Поезд медленно тронулся. Никто не подозревал, что следующий отрезок нашего пути по России станет самым суровым.
Однажды ночью, когда поезд остановился в депо, появилась группа из четырех пьяных солдат. Они осветили вагон, бросив в керосин старые тряпки, которые загорелись. Распространилась страшная вонь. Во рту пересохло еще больше. Русские принялись шарить по нашим чемоданам в надежде найти хоть что-нибудь. Первым делом они изъяли бутылки с питьевой водой, которые мы припрятали. Перчатки, носки, ремни – все пошло в ход. Проверив сумки, они обыскали нас. Потом грабители перешли в другой вагон.
Вскоре я заболел конъюнктивитом, возможно из-за постоянного сквозняка. Солдат по имени Вилли наложил мне повязку. Теперь я вообще ничего не видел и чувствовал себя так, будто совсем собрался умирать. Кто-то воспользовался моей незрячестью и пододвинул меня к туалету. Здесь дуло еще сильнее. Если бы за мной не присматривали пожилой сержант и трое моих товарищей, мне вряд ли бы удалось выжить. Слава богу, воспаление быстро прошло, и даже не пришлось прибегать к помощи врача и медикаментов.
Иногда приходили охранники, чтобы выводить нас на работу. От нас требовалось выносить мертвых. В тот день я стал невольным свидетелем жесточайшего преступления, когда-либо виденного мной. Раньше нас звали выносить мертвых и грузить их тела в три вагона, прицепленные к поезду. Это были вагоны для мертвецов, которые в тот момент еще не были заполнены. Но когда мы были вынуждены выполнять работу в этот раз, я увидел, что они забиты доверху. Тела лежали друг на друге, с раскинутыми в разные стороны руками и ногами, и были немного подморожены. Мертвецы смотрели на нас пустыми глазами, как у дохлой рыбы. Это было страшно. Но и это было еще не самое худшее.
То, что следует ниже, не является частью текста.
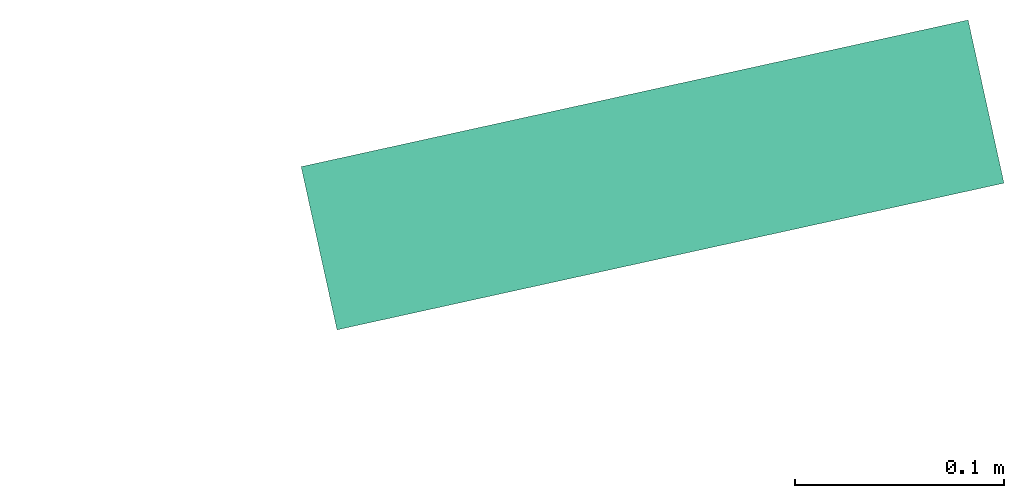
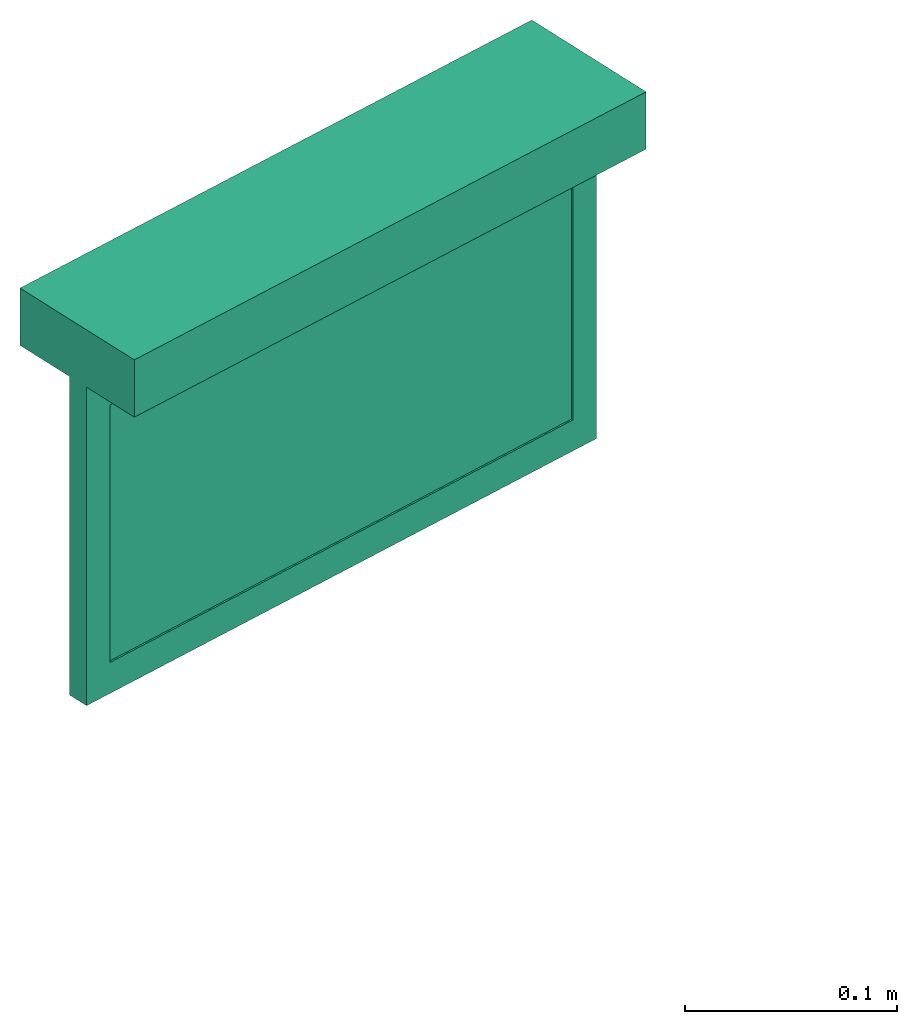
# One storey, part 2 of 2: 1 flow terminal.
"""IFC2X3 building model written with IfcOpenShell, lengths in millimetres."""

from ifc_helpers import new_model, entity, si_unit, converted_unit, derived_unit, direction, frame, origin, origin_with_axes, place, context, subcontext, project, spatial, open_shell, surface_model, source, transform, mapped, type_object, element, save


model = new_model("IFC2X3")

# Units and contexts
plan_context = context("Plan", 3, precision=1e-05, world=origin_with_axes())
model_context = context("Model", 3, precision=0.01, world=origin(), true_north=direction((6.12323399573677e-17, 1.0)))
body_context = subcontext(model_context, "Body", "Model", "MODEL_VIEW")
ifc_project = project(units=[converted_unit("PLANEANGLEUNIT", "DEGREE", entity("IfcPositiveLengthMeasure", 0.0174532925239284), si_unit("PLANEANGLEUNIT", "RADIAN"), dimensions=[0, 0, 0, 0, 0, 0, 0]), si_unit("AREAUNIT", "SQUARE_METRE"), si_unit("LENGTHUNIT", "METRE", prefix="MILLI"), si_unit("MASSUNIT", "GRAM", prefix="KILO"), si_unit("POWERUNIT", "WATT"), si_unit("PRESSUREUNIT", "PASCAL", prefix="KILO"), si_unit("FORCEUNIT", "NEWTON", prefix="KILO"), si_unit("ELECTRICVOLTAGEUNIT", "VOLT"), si_unit("ELECTRICCURRENTUNIT", "AMPERE"), si_unit("THERMODYNAMICTEMPERATUREUNIT", "DEGREE_CELSIUS"), si_unit("TIMEUNIT", "SECOND"), si_unit("VOLUMEUNIT", "CUBIC_METRE"), derived_unit("LINEARVELOCITYUNIT", [(si_unit("LENGTHUNIT", "METRE"), 1), (si_unit("TIMEUNIT", "SECOND"), -1)]), derived_unit("VOLUMETRICFLOWRATEUNIT", [(si_unit("VOLUMEUNIT", "CUBIC_METRE"), 1), (si_unit("TIMEUNIT", "SECOND"), -1)]), derived_unit("THERMALTRANSMITTANCEUNIT", [(si_unit("POWERUNIT", "WATT"), 1), (si_unit("THERMODYNAMICTEMPERATUREUNIT", "KELVIN"), -1), (si_unit("AREAUNIT", "SQUARE_METRE"), -1)]), derived_unit("SOUNDPRESSUREUNIT", [(si_unit("PRESSUREUNIT", "PASCAL"), 1)])], contexts=[model_context, plan_context])

# Site, building, storey
site_placement = place(None, frame((0.0, 0.0, 0.0), z_axis=(0.0, 0.0, 1.0), x_axis=(0.214788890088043, -0.97666050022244, 0.0)))
site = spatial("IfcSite", under=ifc_project, at=site_placement, CompositionType="ELEMENT")
building_placement = place(site_placement, origin_with_axes())
building = spatial("IfcBuilding", under=site, at=building_placement, Name="mc-building", CompositionType="ELEMENT")
storey_placement = place(building_placement, frame((0.0, 0.0, 5100.0), z_axis=(0.0, 0.0, 1.0), x_axis=(1.0, 0.0, 0.0)))
storey = spatial("IfcBuildingStorey", under=building, at=storey_placement, Name="Plan 01", CompositionType="ELEMENT", Elevation=5100.0)

# Flow terminal
light_fixture_type = type_object("IfcLightFixtureType", Name="JumboLED II Enkeltsidig PO/BL", PredefinedType="NOTDEFINED")
shared_shape = source(origin_with_axes(), body_context, "Body", "SurfaceModel", [
    surface_model("IfcShellBasedSurfaceModel", [(163.49999, 40.0, 0.0), (163.49999, -40.0, 0.0), (163.49999, -40.0, -33.0), (163.49999, 40.0, -33.0), (-163.49999, 40.0, -33.0), (-163.49999, -40.0, -33.0), (-163.49999, -40.0, 0.0), (-163.49999, 40.0, 0.0), (-147.85398, 5.0, -50.8274), (-142.45068, 5.0, -56.23071), (-142.45068, 5.0, -193.7693), (142.45068, 5.0, -56.23071), (-147.85398, 5.0, -199.1726), (142.45068, 5.0, -193.7693), (147.85398, 5.0, -50.8274), (147.85398, 5.0, -199.1726), (147.85398, 0.0, -50.8274), (142.45068, 0.0, -56.23071), (142.45068, 0.0, -193.7693), (-142.45068, 0.0, -56.23071), (147.85398, 0.0, -199.1726), (-142.45068, 0.0, -193.7693), (-147.85398, 0.0, -50.8274), (-147.85398, 0.0, -199.1726), (147.85398, -5.0, -50.8274), (142.45068, -5.0, -56.23071), (142.45068, -5.0, -193.7693), (-142.45068, -5.0, -56.23071), (147.85398, -5.0, -199.1726), (-142.45068, -5.0, -193.7693), (-147.85398, -5.0, -50.8274), (-147.85398, -5.0, -199.1726), (163.0, -6.0, -33.0), (147.85398, -6.0, -50.8274), (147.85398, -6.0, -199.1726), (-147.85398, -6.0, -50.8274), (163.0, -6.0, -217.0), (-147.85398, -6.0, -199.1726), (-163.0, -6.0, -33.0), (-163.0, -6.0, -217.0), (-163.0, 6.0, -33.0), (-147.85398, 6.0, -50.8274), (-147.85398, 6.0, -199.1726), (147.85398, 6.0, -50.8274), (-163.0, 6.0, -217.0), (147.85398, 6.0, -199.1726), (163.0, 6.0, -33.0), (163.0, 6.0, -217.0), (-118.92147, -5.0, -160.06272), (-119.00597, -5.0, -163.50301), (-115.64934, -5.0, -160.61805), (-104.56984, -5.0, -163.50301), (-77.07985, -5.0, -160.61805), (-115.30528, -5.0, -158.00467), (-118.02865, -5.0, -156.73922), (-114.29655, -5.0, -155.56939), (-116.37782, -5.0, -153.71971), (-112.6919, -5.0, -153.47815), (-111.21143, -5.0, -149.24617), (-114.06192, -5.0, -151.17423), (-110.60066, -5.0, -151.8735), (-104.56984, -5.0, -180.33741), (-76.18211, -5.0, -160.51048), (-60.36434, -5.0, -188.22701), (-75.33519, -5.0, -160.19384), (-52.47474, -5.0, -180.33741), (-74.58707, -5.0, -159.68604), (-108.16537, -5.0, -150.86477), (-107.98686, -5.0, -148.04411), (-105.55199, -5.0, -150.52071), (-104.56984, -5.0, -147.63576), (-83.1152, -5.0, -150.52071), (-73.98011, -5.0, -159.01588), (-112.45944, -5.0, -188.22701), (-96.34281, -5.0, -123.11339), (-97.22233, -5.0, -122.43852), (-95.3186, -5.0, -123.53764), (-97.89719, -5.0, -121.55901), (-98.32143, -5.0, -120.5348), (-94.21949, -5.0, -123.68233), (-81.35445, -5.0, -130.3953), (-93.12038, -5.0, -123.53764), (-98.46614, -5.0, -119.43569), (-98.32143, -5.0, -118.33657), (-104.56984, -5.0, -67.64681), (-97.89719, -5.0, -117.31236), (-89.69307, -5.0, -103.10241), (-91.21666, -5.0, -122.43852), (-92.09617, -5.0, -123.11339), (-90.54179, -5.0, -121.55901), (-80.30081, -5.0, -124.71034), (-78.18178, -5.0, -119.33088), (-82.56242, -5.0, -107.73834), (-88.61322, -5.0, -101.69513), (-87.20595, -5.0, -100.61528), (-85.56713, -5.0, -99.93647), (-83.80847, -5.0, -99.70493), (-72.27509, -5.0, -107.73834), (-63.22512, -5.0, -86.10305), (-49.58979, -5.0, -177.45245), (-73.3172, -5.0, -157.34723), (-73.54868, -5.0, -158.22127), (-70.40218, -5.0, -136.60582), (-52.79537, -5.0, -115.16582), (-59.82927, -5.0, -130.25007), (-43.33187, -5.0, -126.05233), (-56.835, -5.0, -97.17105), (-57.61205, -5.0, -99.70493), (-55.40805, -5.0, -99.95604), (-60.88617, -5.0, -94.8321), (-53.31703, -5.0, -100.69652), (-54.49606, -5.0, -97.47898), (-52.15711, -5.0, -97.17105), (-39.69209, -5.0, -180.33741), (-47.58169, -5.0, -188.22701), (-33.86031, -5.0, -188.22701), (-36.80713, -5.0, -177.45245), (-25.97071, -5.0, -180.33741), (-25.97071, -5.0, -126.05233), (-49.97756, -5.0, -96.26825), (-51.44616, -5.0, -101.88839), (-49.89136, -5.0, -103.47056), (-38.84566, -5.0, -117.60843), (-46.6698, -5.0, -92.96049), (-25.97071, -5.0, -117.60843), (-63.53304, -5.0, -88.44199), (-63.22512, -5.0, -90.78093), (-62.32232, -5.0, -92.96049), (-59.01455, -5.0, -96.26825), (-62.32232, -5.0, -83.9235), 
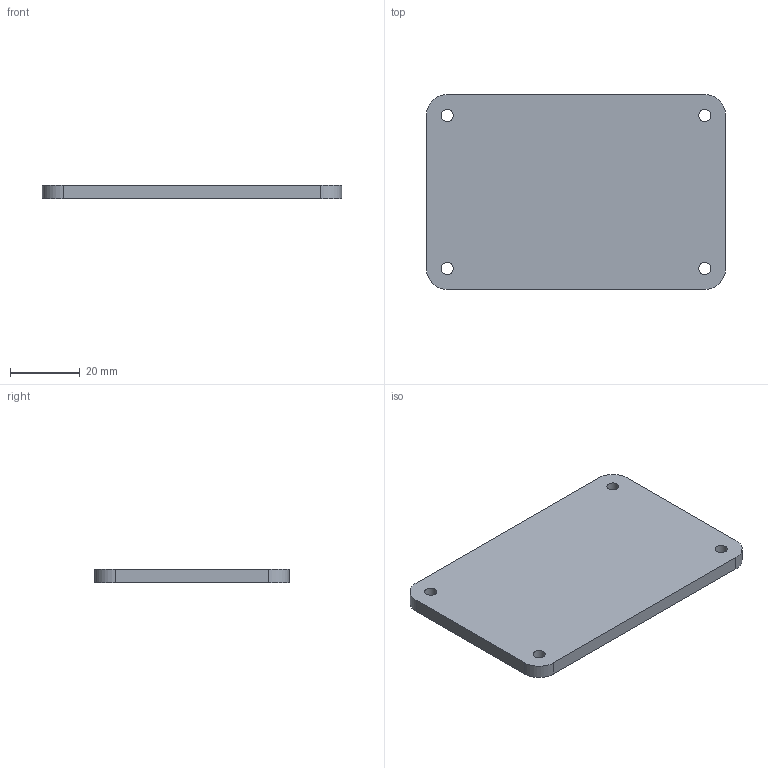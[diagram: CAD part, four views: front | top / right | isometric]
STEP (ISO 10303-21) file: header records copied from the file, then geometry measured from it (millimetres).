
FILE_DESCRIPTION(/* description */ (''),/* implementation_level */ '2;1');
FILE_NAME(/* name */ 'C:/#Projekte/Linear-Motor/STEP/pcb_plate.step',/* time_stamp */ '2019-01-06T11:26:33+01:00',/* author */ (''),/* organization */ (''),/* preprocessor_version */ 'ST-DEVELOPER v17.2',/* originating_system */ 'Autodesk Translation Framework v7.6.0.251',/* authorisation */ '');
FILE_SCHEMA (('AUTOMOTIVE_DESIGN { 1 0 10303 214 3 1 1 }'));
Length unit declared in the file: millimetre
Products named in the file (1): Fusion-Komponente
Bounding box: 86 x 56 x 4 mm (x, y, z)
Volume: 18986.5 mm3; surface area: 10764 mm2
Topology: 1 solids, 1 shells, 14 faces, 36 edges, 24 vertices
Faces by surface type: cylinder 8, plane 6
Full cylindrical faces by diameter (mm): 3.5 x4
Entity records: 492 total; most frequent: DIRECTION 82, CARTESIAN_POINT 75, ORIENTED_EDGE 72, EDGE_CURVE 36, AXIS2_PLACEMENT_3D 31, VERTEX_POINT 24, EDGE_LOOP 22, LINE 20
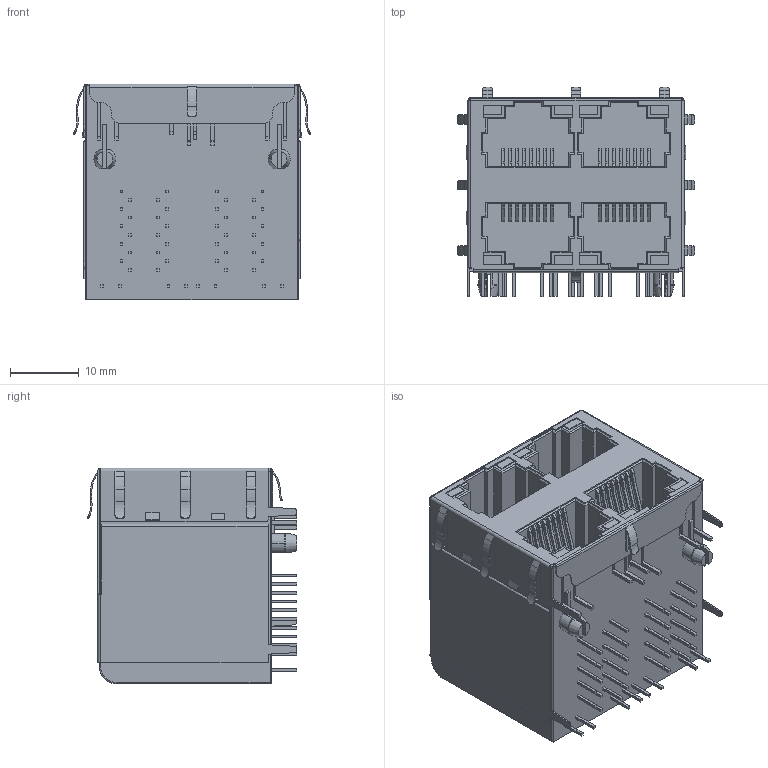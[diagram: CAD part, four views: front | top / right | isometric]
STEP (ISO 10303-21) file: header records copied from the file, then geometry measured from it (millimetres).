
FILE_DESCRIPTION (( 'STEP AP203' ), '1' );
FILE_NAME ('LPJG27747AFNL.STEP', '2026-05-07T09:46:48', ( '' ), ( '' ), 'SwSTEP 2.0', 'SolidWorks 2023', '' );
FILE_SCHEMA (( 'CONFIG_CONTROL_DESIGN' ));
Products named in the file (1): LPJG27747AFNL
Bounding box: 34.61 x 30.58 x 31.4 mm (x, y, z)
Volume: 21297 mm3; surface area: 14228.1 mm2
Topology: 60 solids, 60 shells, 1793 faces, 4648 edges, 3002 vertices
Faces by surface type: plane 1533, cylinder 206, bspline 48, cone 4, torus 2
Entity records: 55739 total; most frequent: CARTESIAN_POINT 11976, ORIENTED_EDGE 9296, DIRECTION 8442, EDGE_CURVE 4648, LINE 4030, VECTOR 4030, VERTEX_POINT 3002, AXIS2_PLACEMENT_3D 2206
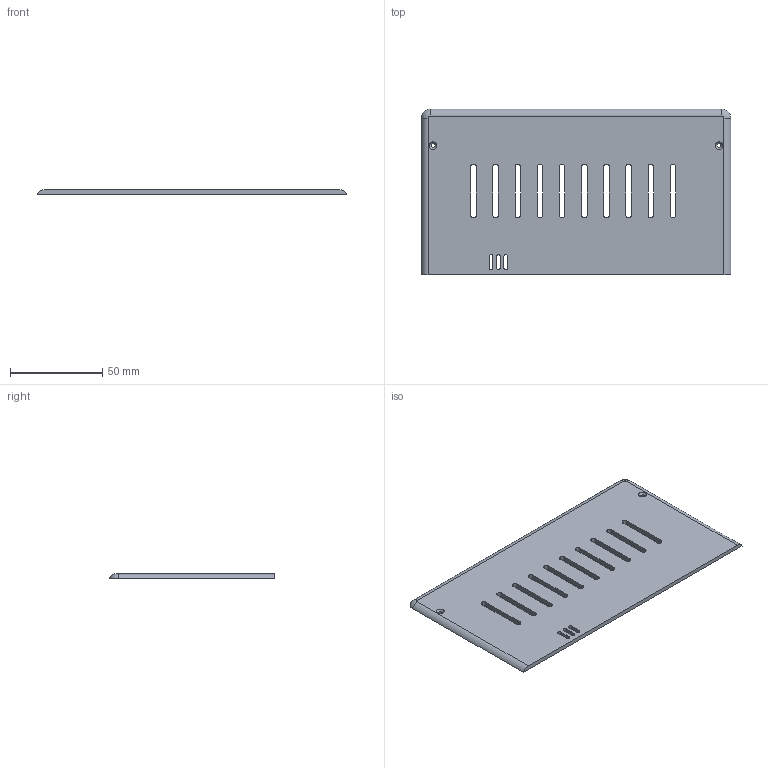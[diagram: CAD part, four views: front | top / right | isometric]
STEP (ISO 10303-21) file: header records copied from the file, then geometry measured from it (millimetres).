
FILE_DESCRIPTION(('Open CASCADE Model'),'2;1');
FILE_NAME('Open CASCADE Shape Model','2026-11-07T21:52:16',('Author'),( 'Open CASCADE'),'Open CASCADE STEP processor 7.9','Open CASCADE 7.9' ,'Unknown');
FILE_SCHEMA(('AUTOMOTIVE_DESIGN { 1 0 10303 214 1 1 1 1 }'));
Length unit declared in the file: millimetre
Products named in the file (1): Open CASCADE STEP translator 7.9 65
Bounding box: 167.42 x 89.51 x 2.5 mm (x, y, z)
Volume: 34291.2 mm3; surface area: 30611.6 mm2
Topology: 1 solids, 1 shells, 116 faces, 340 edges, 226 vertices
Faces by surface type: cylinder 57, plane 55, revolution 2, cone 2
Full cylindrical faces by diameter (mm): 2.3 x2
Entity records: 8842 total; most frequent: CARTESIAN_POINT 2302, DIRECTION 1135, ORIENTED_EDGE 680, PCURVE 680, DEFINITIONAL_REPRESENTATION 680, LINE 558, VECTOR 558, EDGE_CURVE 340
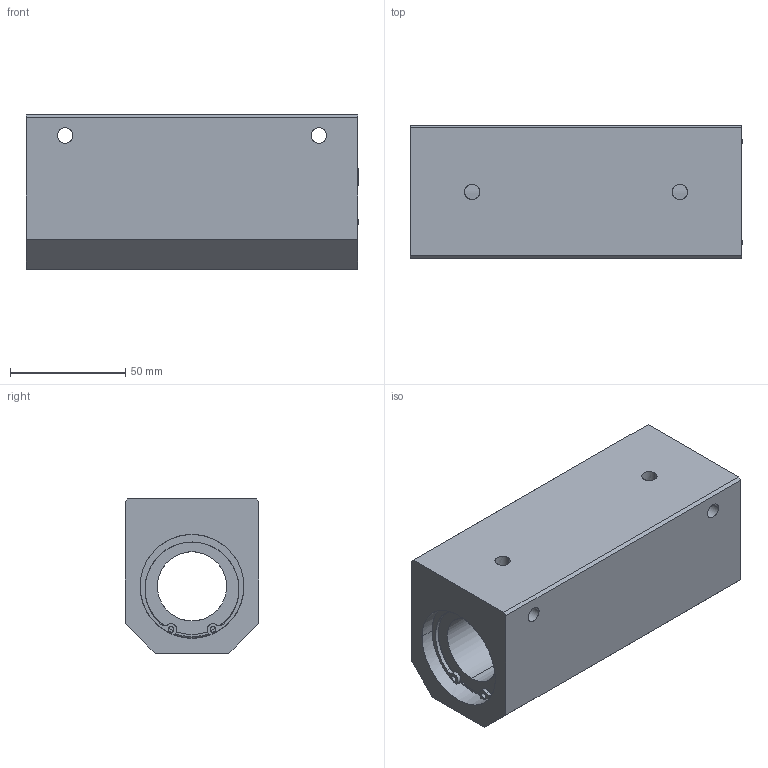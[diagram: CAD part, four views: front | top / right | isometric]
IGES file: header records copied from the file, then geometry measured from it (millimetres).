
Global section: file name: No Iges File Name specified; native system: AutoDesk Inventor R11.0; preprocessor: AutoDesk Inventor Iges Exporter R11.0; author: No Author specified; organization: No Organization specified; date: 20111024.132941; units: millimetre
Bounding box: 144 x 58 x 67 mm (x, y, z)
Surface area: 63919.1 mm2 (no closed solid volume)
Topology: 0 solids, 0 shells, 122 faces, 964 edges, 964 vertices
Faces by surface type: bspline 122

После того как мы собрали мертвых в каждом вагоне, нас отправили в середину состава. Когда открылась дверь, я почувствовал, как кровь застыла у меня в жилах. Около тридцати совсем больных пленников были брошены в этот вагон без оказания медицинской помощи, и теперь, спустя столько времени, прошедшего за период нашего путешествия, все они были мертвы. Хлеб, вода и банки с консервированными продуктами лежали нетронутыми. Меня охватил ужас. Я вспомнил, что несколько дней назад к нам в вагон заходил так называемый врач и спрашивал, есть ли больные. Тех, кто ссылался на болезнь, видимо, отправляли в этот вагон! Я поблагодарил Бога за то, что мой недуг быстро прошел и я не угодил сюда.